As I've been stressing a bit over this, I just went on to the Marriott site, picked Aruba at random and checked how much it would cost to book for 3 weeks in Feb. Came to $800 per night, which roughly works out to £8.5k. Taking management fees into account of £2k, I would have saved £6.5k  

Is that realistic or have I made some stupid assumption when doing this and I'd never be able to get this in a million years?


----------



## parthiban (Aug 21, 2008)

Sorry if this sounds like a stupid thing to ask, but does anyone have any examples of trips they've done with points?

I'd love to hear about what is actually achievable to help make a decision


----------



## Icarus (Aug 21, 2008)

parthiban said:


> The way it seemed was that given that we spend a lot each year on hotel bills, as long as the system is as flexible as they said, we should save a lot of money in the long run.



Here's the thing. Timeshares don't sell themselves.

The salespeople are really good when they throw out all these facts and figures at you during the sales pitch, but if you think about it, they are not usually comparing identical things, nor are they comparing the prices that most of us will actually pay for hotel rooms, condo or timeshare rentals when we really go on vacation. Then there's the Maint.
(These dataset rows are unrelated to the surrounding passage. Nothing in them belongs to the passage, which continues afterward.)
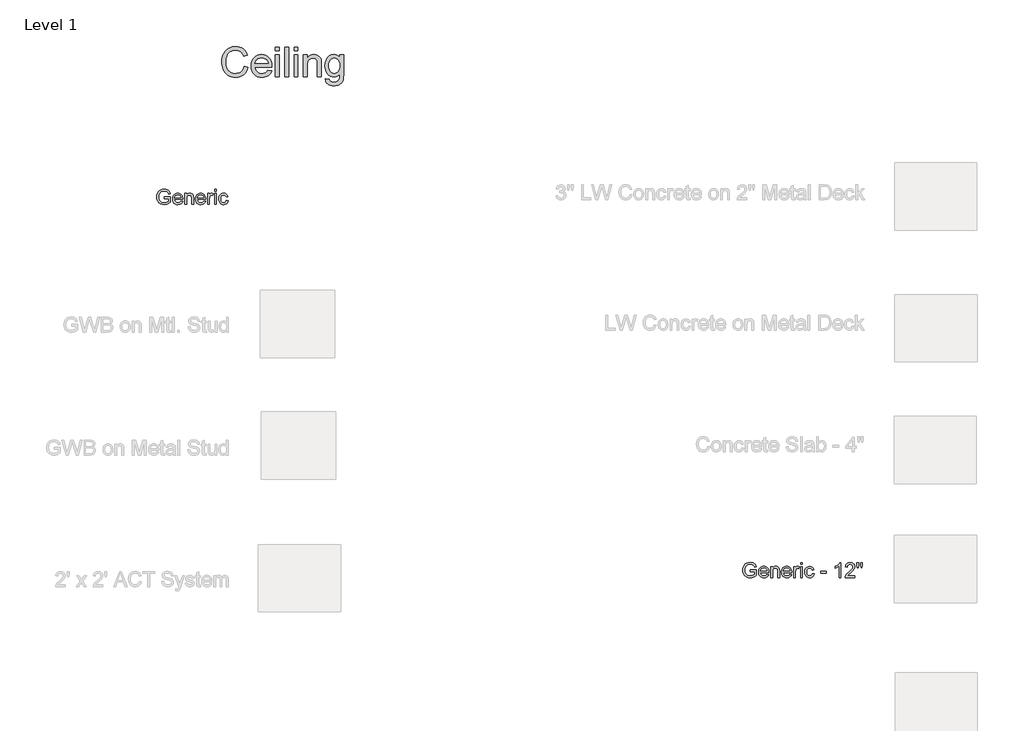
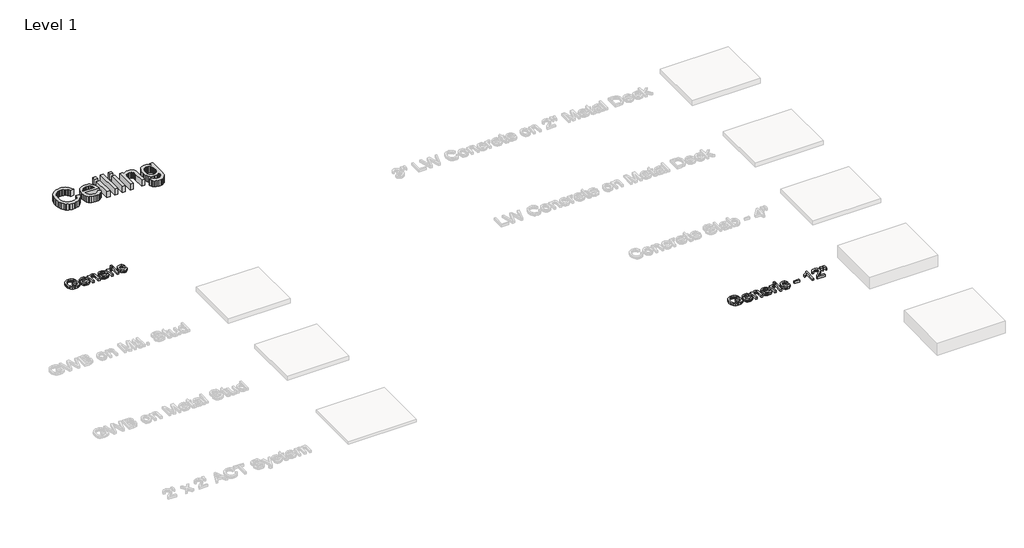
# One storey, part 12 of 42: 3 proxies.
"""IFC4 building model written with IfcOpenShell, lengths in millimetres."""

import ifcopenshell
import ifcopenshell.guid

model = None  # the IFC model being written
_history = None  # IfcOwnerHistory: only IFC2X3 demands one
_inside = {}  # id of a spatial element -> (the spatial element, [elements in it])
_under = {}  # id of a project, library or spatial element -> (it, [spatial elements below it])
_declared = {}  # id of a project -> (the project, [libraries it declares])
_typed = {}  # id of a type object -> (the type object, [elements of that type])
_made_of = {}  # id of a material, layer set ... -> (it, [elements and type objects made of it])


def new_model(schema):
    """Start an empty IFC model of exactly this schema.

    Asked for "IFC4X3", IfcOpenShell would pick the latest addendum, in which some entities
    have other attributes; the version numbers below select the first issue.
    IFC2X3 requires an IfcOwnerHistory on every rooted entity: one is made here for all.
    """
    global model, _history
    if schema == "IFC4X3":
        model = ifcopenshell.file(schema_version=(4, 3, 0, 0))
    else:
        model = ifcopenshell.file(schema=schema)
    _inside.clear()
    _under.clear()
    _declared.clear()
    _typed.clear()
    _made_of.clear()
    _history = None
    if model.schema == "IFC2X3":
        org = make("IfcOrganization", Name="unknown")
        user = make(
            "IfcPersonAndOrganization",
            ThePerson=make("IfcPerson", FamilyName="unknown"),
            TheOrganization=org,
        )
        app = make(
            "IfcApplication",
            ApplicationDeveloper=org,
            Version="unknown",
            ApplicationFullName="unknown",
            ApplicationIdentifier="unknown",
        )
        _history = make(
            "IfcOwnerHistory",
            OwningUser=user,
            OwningApplication=app,
            ChangeAction="ADDED",
            CreationDate=0,
        )
    return model


def make(cls, **values):
    """One entity of the class cls with the attributes given. An attribute that is None is left unset."""
    return model.create_entity(
        cls, **{name: value for name, value in values.items() if value is not None}
    )


def rooted(cls, **values):
    """An entity with a GlobalId (a new one), such as an element, a storey or a relation."""
    return make(cls, GlobalId=ifcopenshell.guid.new(), OwnerHistory=_history, **values)


def si_unit(unit_type, name, prefix=None):
    """IfcSIUnit, for example si_unit("LENGTHUNIT", "METRE", prefix="MILLI")."""
    return make("IfcSIUnit", UnitType=unit_type, Prefix=prefix, Name=name)


def assignment(units):
    """IfcUnitAssignment: the units of a project."""
    return None if units is None else make("IfcUnitAssignment", Units=units)


def point(xyz):
    """IfcCartesianPoint."""
    return None if xyz is None else make("IfcCartesianPoint", Coordinates=xyz)


def direction(xyz):
    """IfcDirection."""
    return None if xyz is None else make("IfcDirection", DirectionRatios=xyz)


def frame(location, z_axis=None, x_axis=None):
    """IfcAxis2Placement3D, a coordinate frame: its origin and axes. An axis left out is left unset."""
    return make(
        "IfcAxis2Placement3D",
        Location=point(location),
        Axis=direction(z_axis),
        RefDirection=direction(x_axis),
    )


def origin():
    """The frame at (0, 0, 0) with its axes left unset."""
    return frame((0.0, 0.0, 0.0))


def origin_with_axes():
    """The frame at (0, 0, 0) with the z axis (0, 0, 1) and the x axis (1, 0, 0) written out."""
    return frame((0.0, 0.0, 0.0), z_axis=(0.0, 0.0, 1.0), x_axis=(1.0, 0.0, 0.0))


def place(relative_to, where):
    """IfcLocalPlacement: puts the frame where relative to a parent placement (None: the world)."""
    return make(
        "IfcLocalPlacement", PlacementRelTo=relative_to, RelativePlacement=where
    )


def context(
    kind, dimensions, precision=None, world=None, true_north=None, identifier=None
):
    """IfcGeometricRepresentationContext, for example the 3D "Model" context."""
    return make(
        "IfcGeometricRepresentationContext",
        ContextIdentifier=identifier,
        ContextType=kind,
        CoordinateSpaceDimension=dimensions,
        Precision=precision,
        WorldCoordinateSystem=world,
        TrueNorth=true_north,
    )


def project(units=None, contexts=None):
    """IfcProject with its units and contexts."""
    return rooted(
        "IfcProject",
        Name="project",
        RepresentationContexts=contexts,
        UnitsInContext=assignment(units),
    )


def spatial(cls, under=None, at=None, **own):
    """A site, building, storey or space (cls), placed at a placement, below another one or the project."""
    s = rooted(cls, ObjectPlacement=at, **own)
    if under is not None:
        _under.setdefault(under.id(), (under, []))[1].append(s)
    return s


def polyline(points):
    """IfcPolyline through the points."""
    return make("IfcPolyline", Points=[point(p) for p in points])


def outline(outer, holes=None, kind="AREA"):
    """IfcArbitraryClosedProfileDef: a profile drawn as a closed curve; with holes, ...WithVoids."""
    if holes is None:
        return make("IfcArbitraryClosedProfileDef", ProfileType=kind, OuterCurve=outer)
    return make(
        "IfcArbitraryProfileDefWithVoids",
        ProfileType=kind,
        OuterCurve=outer,
        InnerCurves=holes,
    )


def extrude(swept, where, along, depth):
    """IfcExtrudedAreaSolid: the profile swept, set in the frame where, extruded along a direction by depth."""
    return make(
        "IfcExtrudedAreaSolid",
        SweptArea=swept,
        Position=where,
        ExtrudedDirection=direction(along),
        Depth=depth,
    )


def shape(context_of_items, identifier, shape_type, items):
    """IfcShapeRepresentation: the items that make up one representation, for example the "Body"."""
    return make(
        "IfcShapeRepresentation",
        ContextOfItems=context_of_items,
        RepresentationIdentifier=identifier,
        RepresentationType=shape_type,
        Items=items,
    )


def made_of(thing, what):
    """Note that an element or type object is made of a material, layer set ...; save() writes the relation."""
    if what is not None:
        _made_of.setdefault(what.id(), (what, []))[1].append(thing)
    return thing


def element(
    cls,
    number,
    at=None,
    inside=None,
    cuts=None,
    type_object=None,
    material=None,
    context=None,
    identifier="Body",
    shape_type=None,
    held_by="IfcProductDefinitionShape",
    body=None,
    shapes=None,
    **own,
):
    """One element of the class cls, such as IfcWall. Its Tag is "e" and its number.

    at: its placement. inside: the storey or other place that contains it. cuts: it is an
    opening in that element (IfcRelVoidsElement). A single representation is given by context,
    identifier, shape_type and body (its items); several are given by shapes. held_by: the class
    of the entity that holds the representations. save() writes the other relations.
    """
    e = rooted(cls, Tag="e%d" % number, ObjectPlacement=at, **own)
    if body is not None:
        shapes = [shape(context, identifier, shape_type, body)]
    if shapes is not None:
        e.Representation = make(held_by, Representations=shapes)
    if inside is not None:
        _inside.setdefault(inside.id(), (inside, []))[1].append(e)
    if cuts is not None:
        rooted(
            "IfcRelVoidsElement", RelatingBuildingElement=cuts, RelatedOpeningElement=e
        )
    if type_object is not None:
        _typed.setdefault(type_object.id(), (type_object, []))[1].append(e)
    return made_of(e, material)


def aggregate(whole, parts):
    """IfcRelAggregates: a whole, such as a stair, and the parts it consists of."""
    return rooted("IfcRelAggregates", RelatingObject=whole, RelatedObjects=parts)


def save(model, path):
    """Write the relations noted so far, then the file.

    IfcRelAggregates (storeys below a building ...), IfcRelContainedInSpatialStructure (elements
    in a storey), IfcRelDefinesByType, IfcRelAssociatesMaterial and IfcRelDeclares: one each for
    every whole, place, type object, material and project.
    """
    for whole, parts in _under.values():
        aggregate(whole, parts)
    for where, things in _inside.values():
        rooted(
            "IfcRelContainedInSpatialStructure",
            RelatedElements=things,
            RelatingStructure=where,
        )
    for kind, things in _typed.values():
        rooted("IfcRelDefinesByType", RelatedObjects=things, RelatingType=kind)
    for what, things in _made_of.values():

Fees on top of that, and if you finance the purchase, interest charges on top of that.

When buying from the developer, they almost never make sense financially. If they did make sense financially, why are they discounting it so heavily and throwing in all those MR points?

Also, many people think that the trade for points option doesn't make sense financially either.

So re-run all those calculations on your own, using real figures, etc, and think about it.

-David


----------



## m61376 (Aug 21, 2008)

What bothers me most when reading your post is not the resale vs. buying direct discussion (which it seems you have at least thought about, although I am not sure if you fully understand the cost versus benefits) but the statement that the salesman convinced you to buy "gold weeks (supposedly the best ones for trading as it's a golf resort)." IF you envision visiting mostly during Gold season than that's the right purchase- BUT Gold season weeks, in general, do not trade as well as Platinum weeks (there may be a few weeks in the season that trade as well or better than Platinum weeks depending on the resort).

Many times people are swayed by a sales pitch that makes buying a Gold or Silver season better- but it is only better if that's when you want to go. Don't buy Gold because you've been told that it is the best for trading value.


----------



## thinze3 (Aug 21, 2008)

parthiban said:


> .....As I've been stressing a bit over this, I just went on to the Marriott site, *picked Aruba at random *and checked how much it would cost to book for 3 weeks in Feb. Came to $800 per night, which roughly works out to £8.5k. Taking management fees into account of £2k, I would have saved £6.5k
> 
> Is that realistic or have I made some stupid assumption when doing this and I'd never be able to get this in a million years?





Please note that you most often will NOT find any availability in a Marriott timeshare using points. Other than Orlando, everything else is very difficult to find.

Also, the bonus points received at purchase may be used for a Marriott timeshare IF you find one, but points obtained by "trading your weeks for points" cannot be used for a Marriott timeshare.

You can test this by trying your Aruba bookings again - with and without Marriott rewards points.


Terry


----------



## parthiban (Aug 21, 2008)

Thanks for that, it did need some clarification, but to book the Marriott resort in Aruba I thought I wouldn't need to use points, and would rather trade my weeks?

Damn, I seem to be going backwards in terms of understanding how this works..........


----------



## thinze3 (Aug 21, 2008)

parthiban said:


> Thanks for that, it did need some clarification, but to book the Marriott resort in Aruba I thought I wouldn't need to use points, and would rather trade my weeks?
> 
> Damn, I seem to be going backwards in terms of understanding how this works..........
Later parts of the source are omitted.